### WHAT YOU SHOULD DO
Reproduce the entries that follow exactly. No picture should appear in the result.
━━━━━━━━━━━━━━━━
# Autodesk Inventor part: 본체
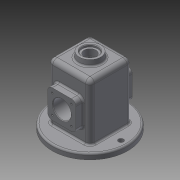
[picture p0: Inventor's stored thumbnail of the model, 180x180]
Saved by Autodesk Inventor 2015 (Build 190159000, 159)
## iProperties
Created: 2021-08
Part Number: 본체
Material: 일반
Document SubType Name: Modeling
Designer: 10401
Density: 1 g/cm^3
Appearance: 기본값
Author: 10401
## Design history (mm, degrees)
sketch "스케치1"
  geometry: L1 (-37, 37)-(37, 37); L2 (37, 37)-(37, -37); L3 (37, -37)-(-37, -37); L4 (-37, -37)-(-37, 37); L5 (-37, 37)-(37, -37); L6 (37, 37)-(-37, -37); 1 further point
  constraints: 12 end point, 2 midpoint, 2 parallel, 1 horizontal, 1 perpendicular
  dimensions: "d1" = 74 distance of L1.end L2.end; "d2" = 74 distance of L2.end L3.end
extrude "돌출1" new body sketch "스케치1" distance "d3" = 110; taper "d4" = 0 deg
fillet "모깎기1" dims "d5" = 8
fillet "모깎기2" dims "d6" = 8
feature "쉘1" dims "d7" = 5
sketch "스케치2"
  geometry: L1 (-29, 32)-(29, 32) reference; L2 (32, 29)-(32, -29) reference; L3 (29, -32)-(-29, -32) reference; L4 (-32, -29)-(-32, 29) reference; L5 (-29, -37)-(29, -37) reference; L6 (37, -29)-(37, 29) reference; L7 (29, 37)-(-29, 37) reference; L8 (-37, 29)-(-37, -29) reference; C1 r 67 at (0, 0); A1 r 3 centre (-29, 29) between (-29, 32) and (-32, 29) reference; A2 r 3 centre (29, 29) between (32, 29) and (29, 32) reference; A3 r 3 centre (29, -29) between (29, -32) and (32, -29) reference; A4 r 3 centre (-29, -29) between (-32, -29) and (-29, -32) reference; A5 r 8 centre (-29, -29) between (-37, -29) and (-29, -37) reference; A6 r 8 centre (29, -29) between (29, -37) and (37, -29) reference; A7 r 8 centre (29, 29) between (37, 29) and (29, 37) reference; A8 r 8 centre (-29, 29) between (-29, 37) and (-37, 29) reference; 1 further point
  constraints: 1 centre point, 1 coincident
  dimensions: "d68" = 134 diameter of C1
extrude "돌출2" join sketch "스케치2" distance "d8" = 10; taper "d9" = 0 deg
sketch "스케치3"
  geometry: C1 r 20 at (0, 0); 1 further point
  constraints: 1 centre point, 1 coincident
  dimensions: "d10" = 40 diameter of C1
extrude "돌출3" join sketch "스케치3" distance "d11" = 10; taper "d12" = 0 deg
sketch "스케치4"
  geometry: L1 (4, -72)-(54, -72); L2 (54, -72)-(54, -22); L3 (54, -22)-(4, -22); L4 (4, -22)-(4, -72); L5 (4, -72)-(54, -22); L6 (54, -72)-(4, -22); L7 (96, -102)-(-38, -102) reference; 3 further points
  constraints: 12 end point, 3 midpoint, 2 parallel, 1 horizontal, 1 perpendicular, 1 vertical alignment
  dimensions: "d13" = 50 distance of L2.end L3.end; "d14" = 50 distance of L1.end L2.end; "d15" = 55 distance from line of point (29, -47) L7
extrude "돌출4" join sketch "스케치4" distance "d16" = 13; taper "d18" = 0 deg; dims "d17" = 12, "d19" = 0
fillet "모깎기3" dims "d20" = 8
fillet "모깎기4" dims "d21" = 8
fillet "모깎기5" dims "d22" = 25
fillet "모깎기6" dims "d23" = 25
feature "면 기울기1" dims angle "d24" = 20 deg
feature "면 기울기2" dims angle "d25" = 20 deg
sketch "스케치5"
  geometry: C1 r 22.452 at (29, -47) reference; C2 r 16 at (29, -47); 1 further point
  constraints: 1 centre point, 1 coincident
  dimensions: "d26" = 32 diameter of C2
extrude "돌출5" cut sketch "스케치5" stored distance "d27" = 13; taper "d28" = 0 deg
sketch "스케치6"
  geometry: L1 (54, -64)-(54, -30) reference; L2 (46, -22)-(12, -22) reference; L3 (4, -30)-(4, -64) reference; L4 (12, -72)-(46, -72) reference; C1 r 16 at (29, -47) reference; A1 r 8 centre (46, -64) between (46, -72) and (54, -64) reference; A2 r 8 centre (46, -30) between (54, -30) and (46, -22) reference; A3 r 8 centre (12, -30) between (12, -22) and (4, -30) reference; A4 r 8 centre (12, -64) between (4, -64) and (12, -72) reference; 1 further point
hole "구멍1" sketch "스케치6" at (12, -30), (46, -30), (46, -64), (12, -64) diameter "d29" = 3.242; stored, may be unused: countersink angle "d33" = 90 deg, drill point angle "d35" = 118 deg; dims "d30" = 8, "d31" = 4, "d32" = 2, "d34" = 10
sketch "스케치7"
  geometry: A1 r 55 centre (0, 0) between (0, 55) and (-55, 0); 3 further points
  constraints: 4 point on circle, 1 centre point, 1 coincident
  dimensions: "d36" = 110 diameter of A1
hole "구멍2" sketch "스케치7" at (-55, 0), (55, 0) diameter "d37" = 9; stored, may be unused: countersink angle "d41" = 90 deg, drill point angle "d43" = 118 deg; dims "d38" = 8, "d39" = 4, "d40" = 2, "d42" = 10
fillet "모깎기7" dims "d44" = 3
sketch "스케치8"
  geometry: 1 further point
hole "구멍3" sketch "스케치8" at (0, 0) diameter "d45" = 21; stored, may be unused: countersink angle "d49" = 90 deg, drill point angle "d51" = 118 deg; dims "d46" = 8, "d47" = 28, "d48" = 4, "d50" = 10
fillet "모깎기8" dims "d52" = 3
fillet "모깎기9" dims "d53" = 3
chamfer "모따기1" distance "d54" = 1; stored, may be unused: second distance "d55" = 2, angle "d56" = 45 deg
sketch "스케치9"
  geometry: L1 (49, 18)-(9, 18) reference; L2 (-8, 0)-(-8, -89) reference; 2 further points
  constraints: 1 other
  dimensions: "d57" = 28 distance from line of point (29, -10) L1; "d58" = 37 distance from line of L2 point (29, -10)
feature "엠보싱1" sketch "스케치9" dims "d1" = 74, "d2" = 74, "d59" = 0.5, "d60" = 0
sketch "스케치10"
  geometry: L1 (42, -8)-(42, -42) reference; L2 (0, 0)-(34, 0) reference; L3 (-8, -42)-(-8, -8) reference; L4 (34, -50)-(0, -50) reference; C1 r 17 at (17, -25) reference; A1 r 8 centre (34, -42) between (34, -50) and (42, -42) reference; A2 r 8 centre (34, -8) between (42, -8) and (34, 0) reference; A3 r 8 centre (0, -8) between (0, 0) and (-8, -8) reference; A4 r 8 centre (0, -42) between (-8, -42) and (0, -50) reference; 1 further point
hole "구멍4" sketch "스케치10" at (0, -8), (34, -8), (34, -42), (0, -42) diameter "d61" = 3.242; stored, may be unused: countersink angle "d65" = 90 deg, drill point angle "d67" = 118 deg; dims "d62" = 8, "d63" = 4, "d64" = 2, "d66" = 10
feature "면 기울기3" dims angle "d69" = 6 deg
fillet "모깎기10" dims "d70" = 3
node "솔리드1"
mirror "대칭1"
node "투영된 루프1"
node "투영된 루프2"
node "투영된 루프3"
━━━━━━━━━━━━━━━━
### ANSWER
# Autodesk Inventor part: 본체
[picture p0: Inventor's stored thumbnail of the model, 180x180]
Saved by Autodesk Inventor 2015 (Build 190159000, 159)
## iProperties
Created: 2021-08
Part Number: 본체
Material: 일반
Document SubType Name: Modeling
Designer: 10401
Density: 1 g/cm^3
Appearance: 기본값
Author: 10401
## Design history (mm, degrees)
sketch "스케치1"
  geometry: L1 (-37, 37)-(37, 37); L2 (37, 37)-(37, -37); L3 (37, -37)-(-37, -37); L4 (-37, -37)-(-37, 37); L5 (-37, 37)-(37, -37); L6 (37, 37)-(-37, -37); 1 further point
  constraints: 12 end point, 2 midpoint, 2 parallel, 1 horizontal, 1 perpendicular
  dimensions: "d1" = 74 distance of L1.end L2.end; "d2" = 74 distance of L2.end L3.end
extrude "돌출1" new body sketch "스케치1" distance "d3" = 110; taper "d4" = 0 deg
fillet "모깎기1" dims "d5" = 8
fillet "모깎기2" dims "d6" = 8
feature "쉘1" dims "d7" = 5
sketch "스케치2"
  geometry: L1 (-29, 32)-(29, 32) reference; L2 (32, 29)-(32, -29) reference; L3 (29, -32)-(-29, -32) reference; L4 (-32, -29)-(-32, 29) reference; L5 (-29, -37)-(29, -37) reference; L6 (37, -29)-(37, 29) reference; L7 (29, 37)-(-29, 37) reference; L8 (-37, 29)-(-37, -29) reference; C1 r 67 at (0, 0); A1 r 3 centre (-29, 29) between (-29, 32) and (-32, 29) reference; A2 r 3 centre (29, 29) between (32, 29) and (29, 32) reference; A3 r 3 centre (29, -29) between (29, -32) and (32, -29) reference; A4 r 3 centre (-29, -29) between (-32, -29) and (-29, -32) reference; A5 r 8 centre (-29, -29) between (-37, -29) and (-29, -37) reference; A6 r 8 centre (29, -29) between (29, -37) and (37, -29) reference; A7 r 8 centre (29, 29) between (37, 29) and (29, 37) reference; A8 r 8 centre (-29, 29) between (-29, 37) and (-37, 29) reference; 1 further point
  constraints: 1 centre point, 1 coincident
  dimensions: "d68" = 134 diameter of C1
extrude "돌출2" join sketch "스케치2" distance "d8" = 10; taper "d9" = 0 deg
sketch "스케치3"
  geometry: C1 r 20 at (0, 0); 1 further point
  constraints: 1 centre point, 1 coincident
  dimensions: "d10" = 40 diameter of C1
extrude "돌출3" join sketch "스케치3" distance "d11" = 10; taper "d12" = 0 deg
sketch "스케치4"
  geometry: L1 (4, -72)-(54, -72); L2 (54, -72)-(54, -22); L3 (54, -22)-(4, -22); L4 (4, -22)-(4, -72); L5 (4, -72)-(54, -22); L6 (54, -72)-(4, -22); L7 (96, -102)-(-38, -102) reference; 3 further points
  constraints: 12 end point, 3 midpoint, 2 parallel, 1 horizontal, 1 perpendicular, 1 vertical alignment
  dimensions: "d13" = 50 distance of L2.end L3.end; "d14" = 50 distance of L1.end L2.end; "d15" = 55 distance from line of point (29, -47) L7
extrude "돌출4" join sketch "스케치4" distance "d16" = 13; taper "d18" = 0 deg; dims "d17" = 12, "d19" = 0
fillet "모깎기3" dims "d20" = 8
fillet "모깎기4" dims "d21" = 8
fillet "모깎기5" dims "d22" = 25
fillet "모깎기6" dims "d23" = 25
feature "면 기울기1" dims angle "d24" = 20 deg
feature "면 기울기2" dims angle "d25" = 20 deg
sketch "스케치5"
  geometry: C1 r 22.452 at (29, -47) reference; C2 r 16 at (29, -47); 1 further point
  constraints: 1 centre point, 1 coincident
  dimensions: "d26" = 32 diameter of C2
extrude "돌출5" cut sketch "스케치5" stored distance "d27" = 13; taper "d28" = 0 deg
sketch "스케치6"
  geometry: L1 (54, -64)-(54, -30) reference; L2 (46, -22)-(12, -22) reference; L3 (4, -30)-(4, -64) reference; L4 (12, -72)-(46, -72) reference; C1 r 16 at (29, -47) reference; A1 r 8 centre (46, -64) between (46, -72) and (54, -64) reference; A2 r 8 centre (46, -30) between (54, -30) and (46, -22) reference; A3 r 8 centre (12, -30) between (12, -22) and (4, -30) reference; A4 r 8 centre (12, -64) between (4, -64) and (12, -72) reference; 1 further point
hole "구멍1" sketch "스케치6" at (12, -30), (46, -30), (46, -64), (12, -64) diameter "d29" = 3.242; stored, may be unused: countersink angle "d33" = 90 deg, drill point angle "d35" = 118 deg; dims "d30" = 8, "d31" = 4, "d32" = 2, "d34" = 10
sketch "스케치7"
  geometry: A1 r 55 centre (0, 0) between (0, 55) and (-55, 0); 3 further points
  constraints: 4 point on circle, 1 centre point, 1 coincident
  dimensions: "d36" = 110 diameter of A1
hole "구멍2" sketch "스케치7" at (-55, 0), (55, 0) diameter "d37" = 9; stored, may be unused: countersink angle "d41" = 90 deg, drill point angle "d43" = 118 deg; dims "d38" = 8, "d39" = 4, "d40" = 2, "d42" = 10
fillet "모깎기7" dims "d44" = 3
sketch "스케치8"
  geometry: 1 further point
hole "구멍3" sketch "스케치8" at (0, 0) diameter "d45" = 21; stored, may be unused: countersink angle "d49" = 90 deg, drill point angle "d51" = 118 deg; dims "d46" = 8, "d47" = 28, "d48" = 4, "d50" = 10
fillet "모깎기8" dims "d52" = 3
fillet "모깎기9" dims "d53" = 3
chamfer "모따기1" distance "d54" = 1; stored, may be unused: second distance "d55" = 2, angle "d56" = 45 deg
sketch "스케치9"
  geometry: L1 (49, 18)-(9, 18) reference; L2 (-8, 0)-(-8, -89) reference; 2 further points
  constraints: 1 other
  dimensions: "d57" = 28 distance from line of point (29, -10) L1; "d58" = 37 distance from line of L2 point (29, -10)
feature "엠보싱1" sketch "스케치9" dims "d1" = 74, "d2" = 74, "d59" = 0.5, "d60" = 0
sketch "스케치10"
  geometry: L1 (42, -8)-(42, -42) reference; L2 (0, 0)-(34, 0) reference; L3 (-8, -42)-(-8, -8) reference; L4 (34, -50)-(0, -50) reference; C1 r 17 at (17, -25) reference; A1 r 8 centre (34, -42) between (34, -50) and (42, -42) reference; A2 r 8 centre (34, -8) between (42, -8) and (34, 0) reference; A3 r 8 centre (0, -8) between (0, 0) and (-8, -8) reference; A4 r 8 centre (0, -42) between (-8, -42) and (0, -50) reference; 1 further point
hole "구멍4" sketch "스케치10" at (0, -8), (34, -8), (34, -42), (0, -42) diameter "d61" = 3.242; stored, may be unused: countersink angle "d65" = 90 deg, drill point angle "d67" = 118 deg; dims "d62" = 8, "d63" = 4, "d64" = 2, "d66" = 10
feature "면 기울기3" dims angle "d69" = 6 deg
fillet "모깎기10" dims "d70" = 3
node "솔리드1"
mirror "대칭1"
node "투영된 루프1"
node "투영된 루프2"
node "투영된 루프3"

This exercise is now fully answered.